Posted on: Thursday, July 5th, 2012
Posted in: Travelog, Blog | 2 comments

Ten days in a picturesque Danish fishing (and vacationing) village works wonders for the psyche and soul. At some point, I felt a groovy, easy feeling that rarely happens at home amid real world nonsense and only sometimes happens on vacation—but often happens when taking a full-on BreakAway.

  • So much nothing to do

Oh sure, Hornbaek was sleepy at times, and just plain dead at others. It’s true, the restaurants and bars weren’t all that, and the shops barely existed.  To be honest, the weather was at times disappointing, forcing us to spend time relaxing in a striking, spare house of traditional Danish design.
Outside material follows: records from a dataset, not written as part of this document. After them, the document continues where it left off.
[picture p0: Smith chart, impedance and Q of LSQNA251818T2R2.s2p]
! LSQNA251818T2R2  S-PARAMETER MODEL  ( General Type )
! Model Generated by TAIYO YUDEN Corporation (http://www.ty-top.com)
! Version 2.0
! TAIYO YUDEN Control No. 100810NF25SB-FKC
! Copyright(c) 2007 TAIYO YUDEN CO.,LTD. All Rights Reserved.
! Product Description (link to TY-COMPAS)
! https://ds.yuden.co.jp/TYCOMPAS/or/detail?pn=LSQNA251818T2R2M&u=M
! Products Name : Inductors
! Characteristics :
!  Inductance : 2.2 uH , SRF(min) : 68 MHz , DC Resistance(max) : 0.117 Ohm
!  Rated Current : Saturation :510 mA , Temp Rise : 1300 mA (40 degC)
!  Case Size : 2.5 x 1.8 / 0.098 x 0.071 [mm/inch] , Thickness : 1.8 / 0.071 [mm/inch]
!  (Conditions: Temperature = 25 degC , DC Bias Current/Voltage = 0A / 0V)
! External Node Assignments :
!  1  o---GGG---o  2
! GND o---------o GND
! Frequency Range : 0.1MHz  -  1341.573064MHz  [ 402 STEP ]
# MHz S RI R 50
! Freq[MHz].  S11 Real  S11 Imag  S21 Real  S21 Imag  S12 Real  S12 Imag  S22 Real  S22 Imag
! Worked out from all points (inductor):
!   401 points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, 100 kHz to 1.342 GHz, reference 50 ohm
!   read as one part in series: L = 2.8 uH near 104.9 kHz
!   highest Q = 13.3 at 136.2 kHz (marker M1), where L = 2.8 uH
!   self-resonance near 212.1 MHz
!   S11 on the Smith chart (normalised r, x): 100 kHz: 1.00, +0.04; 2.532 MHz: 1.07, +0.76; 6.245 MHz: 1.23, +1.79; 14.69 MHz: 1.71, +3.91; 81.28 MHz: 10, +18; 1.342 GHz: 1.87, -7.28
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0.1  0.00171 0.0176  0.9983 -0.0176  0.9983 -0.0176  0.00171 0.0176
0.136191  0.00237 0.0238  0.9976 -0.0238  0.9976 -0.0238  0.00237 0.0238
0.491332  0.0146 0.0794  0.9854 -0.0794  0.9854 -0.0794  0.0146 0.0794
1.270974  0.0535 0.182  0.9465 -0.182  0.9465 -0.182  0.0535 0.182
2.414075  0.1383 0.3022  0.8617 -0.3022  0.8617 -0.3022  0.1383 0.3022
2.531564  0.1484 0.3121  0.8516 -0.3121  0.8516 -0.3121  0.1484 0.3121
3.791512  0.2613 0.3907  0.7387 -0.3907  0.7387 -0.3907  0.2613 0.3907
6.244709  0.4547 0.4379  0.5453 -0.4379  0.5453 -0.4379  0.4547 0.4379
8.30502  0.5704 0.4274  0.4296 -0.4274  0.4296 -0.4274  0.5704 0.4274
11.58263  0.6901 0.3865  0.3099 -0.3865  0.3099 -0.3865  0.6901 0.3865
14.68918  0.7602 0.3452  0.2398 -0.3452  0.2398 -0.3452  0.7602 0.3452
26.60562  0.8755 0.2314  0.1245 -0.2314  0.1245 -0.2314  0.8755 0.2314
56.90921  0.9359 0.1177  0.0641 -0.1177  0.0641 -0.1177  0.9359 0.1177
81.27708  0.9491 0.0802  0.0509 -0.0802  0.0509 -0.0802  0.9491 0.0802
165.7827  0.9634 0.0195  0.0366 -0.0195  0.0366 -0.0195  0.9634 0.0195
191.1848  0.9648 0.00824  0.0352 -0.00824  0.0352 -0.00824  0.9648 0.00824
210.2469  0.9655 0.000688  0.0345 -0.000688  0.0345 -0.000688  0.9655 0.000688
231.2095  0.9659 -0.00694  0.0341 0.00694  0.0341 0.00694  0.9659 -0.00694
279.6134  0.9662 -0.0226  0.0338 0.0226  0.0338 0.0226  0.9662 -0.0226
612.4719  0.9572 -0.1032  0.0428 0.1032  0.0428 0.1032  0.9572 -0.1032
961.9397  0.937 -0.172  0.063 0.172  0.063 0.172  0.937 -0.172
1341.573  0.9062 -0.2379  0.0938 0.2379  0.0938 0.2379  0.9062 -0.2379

I must confess, I slept too much, and ate (and cooked) more than my share with excellent, fresh ingredients. And let’s not even mention the languid days spent lounging in libraries, getting lost in castles, lingering at slow-food eateries, and wandering around coastal towns.

If a picture paints 1,000 words, I need not say much more. Instead, I’ll let the pictures tell the story, with a simple caption for explanation. May they bring you, too, a moment of faraway dreaming and repose.

Most might call it Danish-flag art; I call it what kids do when unplugged and left to their own creative (vs digital) devices.

 

Some days at the beach never fail to amuse; toys, towels, and beverages optional.

 

Life without cars? Nothing better. Family bike riding on safe roads with a fancy lorry for carrying stuff beats the heck out of fighting for parking at the mall.

 

Danish design helps with lean, clean thinking–whether or not that also translates to my writing.

 

Home cookin’ with fresh, affordable seafood makes for happy, healthy bellies (and billfolds).

 

Those silly Danes…they still believe in traditions, trolls, and things like thatched roofs.

 

Colorful fishing villages make for a photographer’s paradise.

 

In Helsingor, they’ve erected this controversial (and fun and funny) sculpture called “Han,” which means “He.” A contemporary counterpart to the famous Little Mermaid.

 

In Kronborg, also known as Hamlet’s castle, this massive ballroom sure could use a dance party.

 

All around Denmark, on the Saturday after the summer solstice (at sundown), they sing traditional songs, burn a witch, and then party like modern-day Vikings around blazing bonfires.

 

On one rainy, muddy day, we went back in time for a raucous Medieval festival held at nearby Esrum, an ancient monastery.

 

It’s true, the grass is greener in charming, eco-friendly Denmark.